Date Written: October 20, 2017


This paper studies equilibrium portfolio choice and asset returns using a new model of recursive preferences called optimal risk attitude utility. Our model is an extension of recursive expected utility that allows an individual to optimally select her risk aversion parameter in response to the uncertainty that she faces. Choosing a lower level of risk aversion comes at a cognitive cost, and therefore is only undertaken in response to sufficiently large risk exposure. In addition to separating risk aversion from the elasticity of intertemporal substitution, our model can also separate risk attitudes toward small and large risks. We solve the dynamic stochastic general equilibrium of a calibrated economy and show that optimal risk attitude utility can provide a partial resolution to both the stock market participation puzzle and the equity premium puzzle. Our model generates a moderate premium for equity as well as endogenous heterogeneity in risk exposure, with one segment of the population holding minimal risk while the other holds a disproportionate share of aggregate risk, even when consumers have identical preferences and even among wealthy households. Using simple binary gambles as a rationality check for our model, we demonstrate that the preference parameters used in our calibration exhibit descriptively accurate levels of risk aversion for gambles ranging from one hundred dollars up to ten percent of wealth.
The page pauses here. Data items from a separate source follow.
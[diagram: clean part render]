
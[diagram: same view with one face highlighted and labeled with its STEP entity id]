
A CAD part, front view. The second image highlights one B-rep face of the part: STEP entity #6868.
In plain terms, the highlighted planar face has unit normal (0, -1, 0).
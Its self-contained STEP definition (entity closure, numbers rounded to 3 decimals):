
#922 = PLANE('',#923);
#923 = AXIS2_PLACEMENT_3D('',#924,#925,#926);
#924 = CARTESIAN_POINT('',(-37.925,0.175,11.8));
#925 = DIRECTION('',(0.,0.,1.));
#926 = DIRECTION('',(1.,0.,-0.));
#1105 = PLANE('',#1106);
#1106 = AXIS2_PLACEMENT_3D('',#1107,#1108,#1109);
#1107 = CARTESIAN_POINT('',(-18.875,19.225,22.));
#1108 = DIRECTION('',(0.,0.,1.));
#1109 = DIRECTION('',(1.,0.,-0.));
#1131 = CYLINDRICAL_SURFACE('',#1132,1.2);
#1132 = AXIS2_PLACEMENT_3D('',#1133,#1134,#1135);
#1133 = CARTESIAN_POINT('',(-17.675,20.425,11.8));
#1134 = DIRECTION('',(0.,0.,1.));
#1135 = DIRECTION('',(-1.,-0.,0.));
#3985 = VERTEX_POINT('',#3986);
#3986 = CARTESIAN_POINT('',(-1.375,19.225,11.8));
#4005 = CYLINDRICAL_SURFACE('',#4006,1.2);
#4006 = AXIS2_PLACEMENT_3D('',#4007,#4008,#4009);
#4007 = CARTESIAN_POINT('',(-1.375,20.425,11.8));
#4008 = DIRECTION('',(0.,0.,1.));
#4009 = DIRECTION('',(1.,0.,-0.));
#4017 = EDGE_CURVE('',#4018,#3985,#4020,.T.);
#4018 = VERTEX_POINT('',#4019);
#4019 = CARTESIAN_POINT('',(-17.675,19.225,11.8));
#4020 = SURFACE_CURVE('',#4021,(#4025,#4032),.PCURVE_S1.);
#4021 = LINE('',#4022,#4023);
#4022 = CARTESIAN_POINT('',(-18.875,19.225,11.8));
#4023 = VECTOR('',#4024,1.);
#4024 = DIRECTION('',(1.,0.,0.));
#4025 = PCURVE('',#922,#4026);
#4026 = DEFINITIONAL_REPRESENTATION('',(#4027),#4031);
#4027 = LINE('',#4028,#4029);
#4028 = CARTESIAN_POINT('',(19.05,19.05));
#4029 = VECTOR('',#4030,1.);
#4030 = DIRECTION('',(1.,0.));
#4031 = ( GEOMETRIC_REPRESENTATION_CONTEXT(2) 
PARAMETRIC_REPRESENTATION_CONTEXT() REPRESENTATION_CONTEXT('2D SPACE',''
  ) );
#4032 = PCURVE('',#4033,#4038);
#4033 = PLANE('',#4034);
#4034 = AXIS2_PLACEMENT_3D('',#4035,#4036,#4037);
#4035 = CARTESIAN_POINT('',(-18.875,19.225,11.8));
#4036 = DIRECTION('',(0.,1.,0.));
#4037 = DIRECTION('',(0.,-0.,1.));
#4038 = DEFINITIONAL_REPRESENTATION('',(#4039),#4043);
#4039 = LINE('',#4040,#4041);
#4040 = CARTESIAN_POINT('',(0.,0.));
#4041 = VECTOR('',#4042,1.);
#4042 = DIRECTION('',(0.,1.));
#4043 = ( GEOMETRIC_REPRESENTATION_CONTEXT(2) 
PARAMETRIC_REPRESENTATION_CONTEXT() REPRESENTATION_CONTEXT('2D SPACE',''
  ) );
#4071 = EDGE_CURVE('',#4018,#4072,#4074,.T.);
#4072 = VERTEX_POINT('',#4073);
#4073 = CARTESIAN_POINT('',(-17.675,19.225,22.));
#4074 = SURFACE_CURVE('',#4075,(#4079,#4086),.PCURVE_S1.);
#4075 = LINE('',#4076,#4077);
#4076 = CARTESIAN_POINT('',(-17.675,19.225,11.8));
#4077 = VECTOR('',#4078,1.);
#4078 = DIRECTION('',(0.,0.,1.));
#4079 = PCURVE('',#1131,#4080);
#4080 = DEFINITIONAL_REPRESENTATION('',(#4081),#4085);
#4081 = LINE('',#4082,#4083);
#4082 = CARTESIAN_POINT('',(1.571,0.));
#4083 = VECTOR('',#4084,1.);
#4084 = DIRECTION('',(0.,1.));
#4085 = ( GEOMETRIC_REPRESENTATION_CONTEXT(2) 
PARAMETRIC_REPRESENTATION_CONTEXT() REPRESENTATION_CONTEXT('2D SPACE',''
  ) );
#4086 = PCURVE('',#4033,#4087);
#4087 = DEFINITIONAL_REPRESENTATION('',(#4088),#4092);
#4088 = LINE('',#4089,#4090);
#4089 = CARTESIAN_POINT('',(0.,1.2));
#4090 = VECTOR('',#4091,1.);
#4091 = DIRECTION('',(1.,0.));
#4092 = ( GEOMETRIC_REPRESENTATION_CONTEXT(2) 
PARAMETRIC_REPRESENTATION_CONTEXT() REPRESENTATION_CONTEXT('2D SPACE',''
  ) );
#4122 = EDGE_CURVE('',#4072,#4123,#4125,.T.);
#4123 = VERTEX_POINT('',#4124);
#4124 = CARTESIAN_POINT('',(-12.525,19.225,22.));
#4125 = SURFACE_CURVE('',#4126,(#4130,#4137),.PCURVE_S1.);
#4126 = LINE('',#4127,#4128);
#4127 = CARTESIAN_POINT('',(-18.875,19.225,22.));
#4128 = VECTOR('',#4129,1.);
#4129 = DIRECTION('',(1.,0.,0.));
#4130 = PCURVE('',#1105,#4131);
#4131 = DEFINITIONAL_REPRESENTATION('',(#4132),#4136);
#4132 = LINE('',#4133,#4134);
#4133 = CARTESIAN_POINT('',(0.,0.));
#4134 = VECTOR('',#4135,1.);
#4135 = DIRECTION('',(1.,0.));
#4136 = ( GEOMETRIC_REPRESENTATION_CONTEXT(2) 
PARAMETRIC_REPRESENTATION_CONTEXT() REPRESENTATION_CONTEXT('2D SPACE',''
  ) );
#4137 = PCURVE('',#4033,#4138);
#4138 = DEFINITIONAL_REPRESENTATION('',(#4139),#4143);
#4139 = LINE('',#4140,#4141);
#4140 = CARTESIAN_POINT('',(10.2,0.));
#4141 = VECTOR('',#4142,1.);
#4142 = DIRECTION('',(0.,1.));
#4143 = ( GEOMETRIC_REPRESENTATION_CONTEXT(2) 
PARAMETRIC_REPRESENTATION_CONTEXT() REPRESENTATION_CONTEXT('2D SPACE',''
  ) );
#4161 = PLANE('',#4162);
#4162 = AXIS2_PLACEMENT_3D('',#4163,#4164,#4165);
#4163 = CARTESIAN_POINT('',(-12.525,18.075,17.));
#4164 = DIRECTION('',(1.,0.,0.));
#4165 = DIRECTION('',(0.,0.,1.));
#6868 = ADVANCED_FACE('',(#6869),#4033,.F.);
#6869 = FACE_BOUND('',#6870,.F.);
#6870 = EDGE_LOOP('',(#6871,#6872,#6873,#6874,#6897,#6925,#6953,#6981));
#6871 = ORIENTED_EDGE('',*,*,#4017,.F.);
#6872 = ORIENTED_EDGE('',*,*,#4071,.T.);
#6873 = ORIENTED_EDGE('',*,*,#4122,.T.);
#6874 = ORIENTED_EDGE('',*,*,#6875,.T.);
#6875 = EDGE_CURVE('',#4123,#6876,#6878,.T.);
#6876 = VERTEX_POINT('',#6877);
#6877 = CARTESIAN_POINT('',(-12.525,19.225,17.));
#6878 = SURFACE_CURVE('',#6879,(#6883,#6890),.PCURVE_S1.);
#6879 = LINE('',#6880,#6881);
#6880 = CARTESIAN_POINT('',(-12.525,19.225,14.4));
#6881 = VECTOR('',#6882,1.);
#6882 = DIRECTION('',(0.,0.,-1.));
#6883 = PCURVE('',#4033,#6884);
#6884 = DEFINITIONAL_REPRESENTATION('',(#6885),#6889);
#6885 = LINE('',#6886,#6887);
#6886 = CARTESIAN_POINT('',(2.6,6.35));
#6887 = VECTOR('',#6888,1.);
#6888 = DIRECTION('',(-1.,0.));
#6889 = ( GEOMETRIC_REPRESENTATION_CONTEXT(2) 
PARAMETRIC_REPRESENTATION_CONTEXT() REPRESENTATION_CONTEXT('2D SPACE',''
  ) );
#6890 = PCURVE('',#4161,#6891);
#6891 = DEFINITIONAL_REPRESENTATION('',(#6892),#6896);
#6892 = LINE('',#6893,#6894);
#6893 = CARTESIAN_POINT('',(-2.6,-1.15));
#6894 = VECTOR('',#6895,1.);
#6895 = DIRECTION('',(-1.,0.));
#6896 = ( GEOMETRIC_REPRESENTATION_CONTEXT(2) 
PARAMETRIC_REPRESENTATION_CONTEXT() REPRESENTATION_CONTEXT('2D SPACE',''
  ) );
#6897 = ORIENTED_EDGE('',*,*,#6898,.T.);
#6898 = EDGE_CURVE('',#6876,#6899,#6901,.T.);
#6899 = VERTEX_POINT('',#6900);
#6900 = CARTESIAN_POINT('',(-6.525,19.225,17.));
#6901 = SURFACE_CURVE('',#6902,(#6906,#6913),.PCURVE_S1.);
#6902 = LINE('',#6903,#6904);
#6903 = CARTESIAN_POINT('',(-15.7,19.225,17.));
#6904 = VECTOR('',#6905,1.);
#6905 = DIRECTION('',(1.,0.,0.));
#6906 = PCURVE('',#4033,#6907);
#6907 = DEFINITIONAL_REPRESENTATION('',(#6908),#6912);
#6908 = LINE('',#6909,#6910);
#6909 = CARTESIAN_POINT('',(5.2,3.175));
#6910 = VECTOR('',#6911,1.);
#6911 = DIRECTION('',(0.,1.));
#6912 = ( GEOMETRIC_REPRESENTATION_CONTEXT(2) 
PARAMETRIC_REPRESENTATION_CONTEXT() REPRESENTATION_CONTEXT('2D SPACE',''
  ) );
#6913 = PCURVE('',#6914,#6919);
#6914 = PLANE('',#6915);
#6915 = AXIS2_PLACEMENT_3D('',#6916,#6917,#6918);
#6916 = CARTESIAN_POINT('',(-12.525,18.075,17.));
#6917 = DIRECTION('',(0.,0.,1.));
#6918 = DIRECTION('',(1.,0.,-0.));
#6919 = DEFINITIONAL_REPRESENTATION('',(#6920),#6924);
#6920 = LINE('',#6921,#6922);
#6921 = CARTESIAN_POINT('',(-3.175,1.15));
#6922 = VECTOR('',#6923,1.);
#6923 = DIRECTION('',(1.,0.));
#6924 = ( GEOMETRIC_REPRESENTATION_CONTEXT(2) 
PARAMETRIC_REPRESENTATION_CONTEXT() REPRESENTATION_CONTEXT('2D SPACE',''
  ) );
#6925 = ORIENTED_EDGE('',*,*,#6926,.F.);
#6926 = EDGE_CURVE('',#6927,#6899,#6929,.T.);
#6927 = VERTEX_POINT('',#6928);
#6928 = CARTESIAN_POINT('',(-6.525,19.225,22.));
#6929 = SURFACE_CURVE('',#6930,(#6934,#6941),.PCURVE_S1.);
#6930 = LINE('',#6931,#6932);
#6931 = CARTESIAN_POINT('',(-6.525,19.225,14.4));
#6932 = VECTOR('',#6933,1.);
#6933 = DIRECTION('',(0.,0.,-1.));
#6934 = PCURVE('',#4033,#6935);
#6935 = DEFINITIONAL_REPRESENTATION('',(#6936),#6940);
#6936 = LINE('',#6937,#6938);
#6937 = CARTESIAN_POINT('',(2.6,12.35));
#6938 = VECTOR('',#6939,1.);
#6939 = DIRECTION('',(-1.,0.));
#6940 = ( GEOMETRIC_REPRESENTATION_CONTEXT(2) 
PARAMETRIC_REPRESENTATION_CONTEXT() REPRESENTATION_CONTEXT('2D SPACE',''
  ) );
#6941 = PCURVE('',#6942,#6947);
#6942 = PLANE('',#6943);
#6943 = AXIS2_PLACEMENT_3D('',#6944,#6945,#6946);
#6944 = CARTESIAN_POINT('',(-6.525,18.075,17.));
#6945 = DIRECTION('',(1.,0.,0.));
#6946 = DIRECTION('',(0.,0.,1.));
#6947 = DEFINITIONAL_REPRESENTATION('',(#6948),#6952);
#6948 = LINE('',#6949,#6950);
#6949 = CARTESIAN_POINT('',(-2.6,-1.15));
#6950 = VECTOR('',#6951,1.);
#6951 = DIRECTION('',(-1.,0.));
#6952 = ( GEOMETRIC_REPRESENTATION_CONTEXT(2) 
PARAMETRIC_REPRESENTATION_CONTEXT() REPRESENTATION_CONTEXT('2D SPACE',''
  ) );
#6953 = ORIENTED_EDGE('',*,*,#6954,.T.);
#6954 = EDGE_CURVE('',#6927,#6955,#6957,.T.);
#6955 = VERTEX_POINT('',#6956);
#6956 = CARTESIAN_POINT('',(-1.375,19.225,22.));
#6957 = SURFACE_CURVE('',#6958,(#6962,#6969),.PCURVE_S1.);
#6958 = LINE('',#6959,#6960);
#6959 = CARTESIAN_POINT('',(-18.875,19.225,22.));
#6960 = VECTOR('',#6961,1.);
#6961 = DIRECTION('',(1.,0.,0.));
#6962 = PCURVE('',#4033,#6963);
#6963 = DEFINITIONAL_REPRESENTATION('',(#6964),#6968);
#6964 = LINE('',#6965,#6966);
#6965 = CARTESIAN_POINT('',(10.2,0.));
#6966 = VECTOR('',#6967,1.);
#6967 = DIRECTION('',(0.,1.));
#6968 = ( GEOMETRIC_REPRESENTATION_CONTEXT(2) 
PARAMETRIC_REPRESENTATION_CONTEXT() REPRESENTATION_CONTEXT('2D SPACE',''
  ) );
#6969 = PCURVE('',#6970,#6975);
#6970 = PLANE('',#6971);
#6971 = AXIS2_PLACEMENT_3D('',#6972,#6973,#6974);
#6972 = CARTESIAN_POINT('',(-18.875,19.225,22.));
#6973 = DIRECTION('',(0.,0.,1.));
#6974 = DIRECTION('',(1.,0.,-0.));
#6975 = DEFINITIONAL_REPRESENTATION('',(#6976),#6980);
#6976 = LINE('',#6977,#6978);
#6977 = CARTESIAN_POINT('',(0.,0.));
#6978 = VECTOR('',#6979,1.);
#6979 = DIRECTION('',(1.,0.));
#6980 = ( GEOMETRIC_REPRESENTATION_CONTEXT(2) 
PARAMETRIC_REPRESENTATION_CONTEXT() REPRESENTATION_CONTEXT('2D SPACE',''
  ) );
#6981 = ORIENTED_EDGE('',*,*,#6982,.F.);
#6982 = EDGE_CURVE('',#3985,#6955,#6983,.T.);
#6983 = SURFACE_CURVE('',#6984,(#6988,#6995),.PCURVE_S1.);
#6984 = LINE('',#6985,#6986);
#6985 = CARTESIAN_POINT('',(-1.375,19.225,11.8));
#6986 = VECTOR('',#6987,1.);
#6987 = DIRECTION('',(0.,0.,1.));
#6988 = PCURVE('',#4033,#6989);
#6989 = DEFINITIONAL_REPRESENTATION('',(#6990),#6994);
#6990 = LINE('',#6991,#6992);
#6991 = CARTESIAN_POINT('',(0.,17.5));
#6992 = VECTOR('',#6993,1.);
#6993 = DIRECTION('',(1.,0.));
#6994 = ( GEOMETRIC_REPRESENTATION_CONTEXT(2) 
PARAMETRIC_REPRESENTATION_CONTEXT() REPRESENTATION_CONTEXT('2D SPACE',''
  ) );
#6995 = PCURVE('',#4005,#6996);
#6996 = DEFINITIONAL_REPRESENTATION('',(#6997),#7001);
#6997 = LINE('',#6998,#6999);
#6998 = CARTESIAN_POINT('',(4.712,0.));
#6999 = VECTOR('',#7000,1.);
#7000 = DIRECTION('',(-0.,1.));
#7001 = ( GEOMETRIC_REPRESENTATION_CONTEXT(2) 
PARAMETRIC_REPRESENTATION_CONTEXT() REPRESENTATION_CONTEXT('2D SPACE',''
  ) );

Keywords: optimal risk attitude, stock market participation puzzle, equity premium puzzle

Suggested Citation

Sarver, Todd, Risk Attitude Optimization and Heterogeneous Stock Market Participation (October 20, 2017). Economic Research Initiatives at Duke (ERID) Working Paper, Available at SSRN: https://ssrn.com/abstract=3135964 or http://dx.doi.org/10.2139/ssrn.3135964

Todd Sarver (Contact Author)

Duke University - Department of Economics ( email )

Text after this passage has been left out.